*Assignment*. Each line of the records below that holds "ezdxf" should be copied out.

┌──

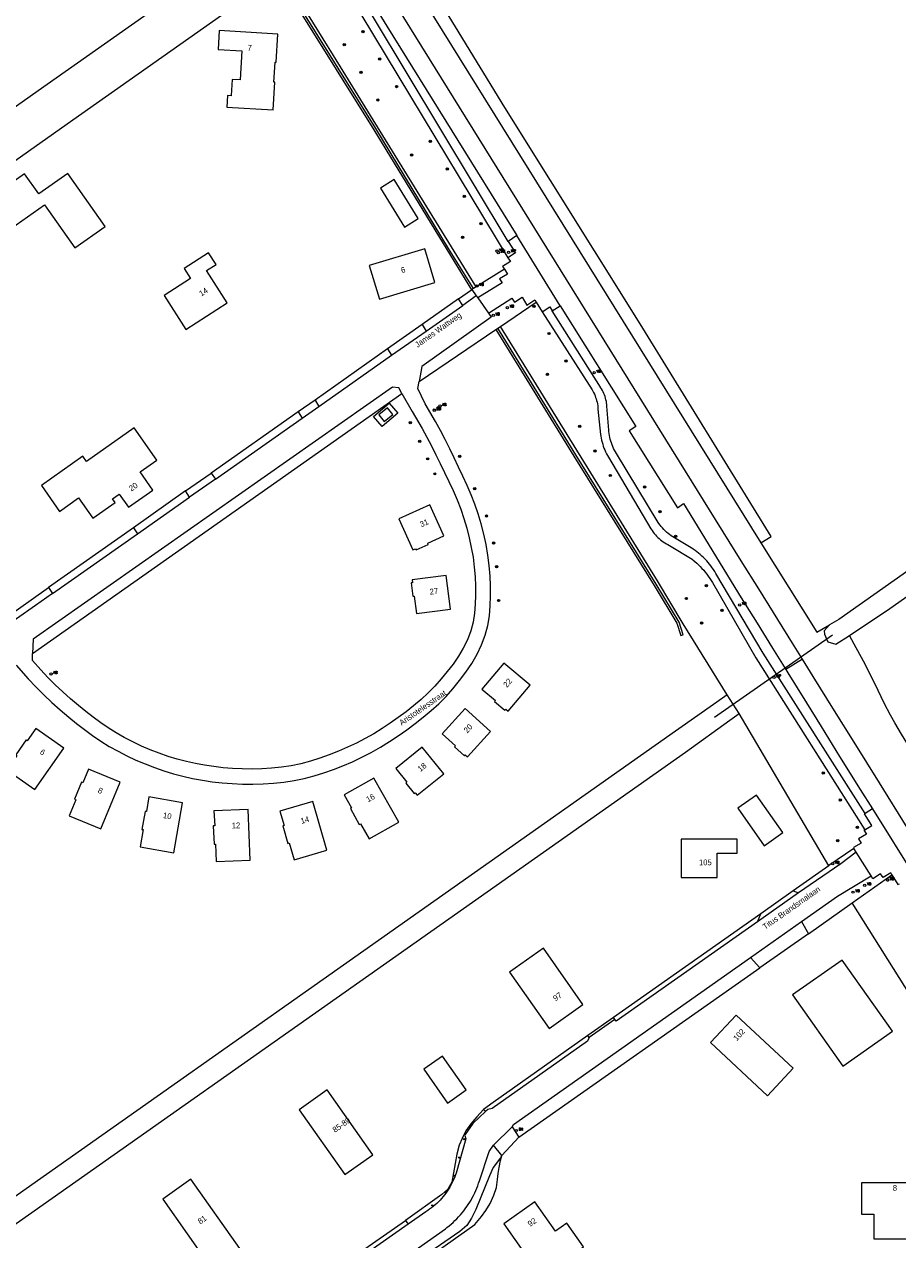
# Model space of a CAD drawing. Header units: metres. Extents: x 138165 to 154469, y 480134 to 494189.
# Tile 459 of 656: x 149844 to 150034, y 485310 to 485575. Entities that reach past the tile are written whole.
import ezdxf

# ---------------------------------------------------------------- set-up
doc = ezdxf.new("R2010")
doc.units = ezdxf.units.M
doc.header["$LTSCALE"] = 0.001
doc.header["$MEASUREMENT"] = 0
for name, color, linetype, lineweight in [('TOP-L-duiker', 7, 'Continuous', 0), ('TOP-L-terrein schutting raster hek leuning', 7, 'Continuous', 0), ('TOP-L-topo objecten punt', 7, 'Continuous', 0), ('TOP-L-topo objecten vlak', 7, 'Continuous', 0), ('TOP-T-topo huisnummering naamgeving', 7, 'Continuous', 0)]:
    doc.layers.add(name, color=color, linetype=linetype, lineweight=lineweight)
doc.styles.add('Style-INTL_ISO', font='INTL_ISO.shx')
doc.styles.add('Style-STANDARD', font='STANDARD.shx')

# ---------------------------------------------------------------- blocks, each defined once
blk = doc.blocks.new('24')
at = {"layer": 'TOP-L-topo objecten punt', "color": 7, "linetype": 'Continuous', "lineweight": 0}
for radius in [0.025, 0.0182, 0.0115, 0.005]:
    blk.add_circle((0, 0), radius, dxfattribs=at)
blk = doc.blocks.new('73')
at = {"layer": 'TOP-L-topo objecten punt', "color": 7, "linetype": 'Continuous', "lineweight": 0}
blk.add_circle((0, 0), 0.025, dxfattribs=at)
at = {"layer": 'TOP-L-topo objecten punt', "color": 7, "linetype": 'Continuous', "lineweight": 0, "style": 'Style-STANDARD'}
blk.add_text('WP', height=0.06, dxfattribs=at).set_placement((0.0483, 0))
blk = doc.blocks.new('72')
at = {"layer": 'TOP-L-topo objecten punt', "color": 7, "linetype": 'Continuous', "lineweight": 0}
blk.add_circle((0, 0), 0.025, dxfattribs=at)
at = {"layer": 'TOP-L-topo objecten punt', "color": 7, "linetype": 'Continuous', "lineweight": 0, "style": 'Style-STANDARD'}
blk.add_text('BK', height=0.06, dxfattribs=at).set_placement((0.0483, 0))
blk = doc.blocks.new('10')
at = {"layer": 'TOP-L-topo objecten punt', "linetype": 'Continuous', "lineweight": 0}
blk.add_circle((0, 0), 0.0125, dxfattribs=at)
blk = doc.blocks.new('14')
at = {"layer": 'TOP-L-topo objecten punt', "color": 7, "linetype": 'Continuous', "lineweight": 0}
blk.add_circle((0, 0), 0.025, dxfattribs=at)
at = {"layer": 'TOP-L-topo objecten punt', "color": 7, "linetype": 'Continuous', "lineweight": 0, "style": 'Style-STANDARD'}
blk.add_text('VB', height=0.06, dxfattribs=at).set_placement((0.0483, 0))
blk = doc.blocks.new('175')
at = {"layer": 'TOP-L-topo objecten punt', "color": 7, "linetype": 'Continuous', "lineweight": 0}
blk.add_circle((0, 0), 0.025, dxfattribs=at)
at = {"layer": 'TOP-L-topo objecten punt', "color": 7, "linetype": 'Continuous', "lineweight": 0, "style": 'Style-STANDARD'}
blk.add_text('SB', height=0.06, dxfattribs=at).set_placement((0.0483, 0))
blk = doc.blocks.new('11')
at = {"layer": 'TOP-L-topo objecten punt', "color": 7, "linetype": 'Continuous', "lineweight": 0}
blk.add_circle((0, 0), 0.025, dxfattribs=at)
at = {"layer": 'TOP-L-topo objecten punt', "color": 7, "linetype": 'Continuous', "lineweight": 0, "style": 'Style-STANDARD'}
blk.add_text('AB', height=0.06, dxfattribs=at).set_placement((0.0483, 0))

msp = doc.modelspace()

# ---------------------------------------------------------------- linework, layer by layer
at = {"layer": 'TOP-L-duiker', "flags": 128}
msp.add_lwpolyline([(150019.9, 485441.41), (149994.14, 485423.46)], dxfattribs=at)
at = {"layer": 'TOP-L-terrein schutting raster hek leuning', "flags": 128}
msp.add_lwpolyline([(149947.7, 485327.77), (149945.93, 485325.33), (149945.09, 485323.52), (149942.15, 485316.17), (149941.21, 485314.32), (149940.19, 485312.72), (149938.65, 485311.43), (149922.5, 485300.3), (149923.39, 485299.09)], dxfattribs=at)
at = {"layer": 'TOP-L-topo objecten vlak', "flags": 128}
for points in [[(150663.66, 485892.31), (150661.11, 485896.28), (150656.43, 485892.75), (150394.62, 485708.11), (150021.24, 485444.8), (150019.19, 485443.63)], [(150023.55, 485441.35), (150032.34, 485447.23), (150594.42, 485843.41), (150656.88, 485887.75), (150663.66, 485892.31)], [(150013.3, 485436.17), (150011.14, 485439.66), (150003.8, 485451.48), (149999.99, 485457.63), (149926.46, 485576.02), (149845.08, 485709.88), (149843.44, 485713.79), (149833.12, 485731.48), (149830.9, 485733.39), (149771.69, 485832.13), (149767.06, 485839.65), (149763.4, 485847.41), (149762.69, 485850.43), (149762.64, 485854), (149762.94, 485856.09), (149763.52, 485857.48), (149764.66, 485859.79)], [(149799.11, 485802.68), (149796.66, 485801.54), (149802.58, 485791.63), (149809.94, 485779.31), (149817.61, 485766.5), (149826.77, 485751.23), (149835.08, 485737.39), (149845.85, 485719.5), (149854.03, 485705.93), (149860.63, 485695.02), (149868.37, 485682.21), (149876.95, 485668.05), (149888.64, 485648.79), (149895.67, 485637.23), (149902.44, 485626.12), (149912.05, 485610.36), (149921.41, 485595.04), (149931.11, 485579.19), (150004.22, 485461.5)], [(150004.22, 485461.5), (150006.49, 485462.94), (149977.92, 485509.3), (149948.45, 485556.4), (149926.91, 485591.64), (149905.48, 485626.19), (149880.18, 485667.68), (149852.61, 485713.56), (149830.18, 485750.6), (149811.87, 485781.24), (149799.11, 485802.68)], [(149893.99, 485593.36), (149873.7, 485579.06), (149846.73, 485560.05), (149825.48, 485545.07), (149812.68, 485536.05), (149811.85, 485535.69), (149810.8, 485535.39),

└──

*Expected answer*.
import ezdxf
doc = ezdxf.new("R2010")
doc.units = ezdxf.units.M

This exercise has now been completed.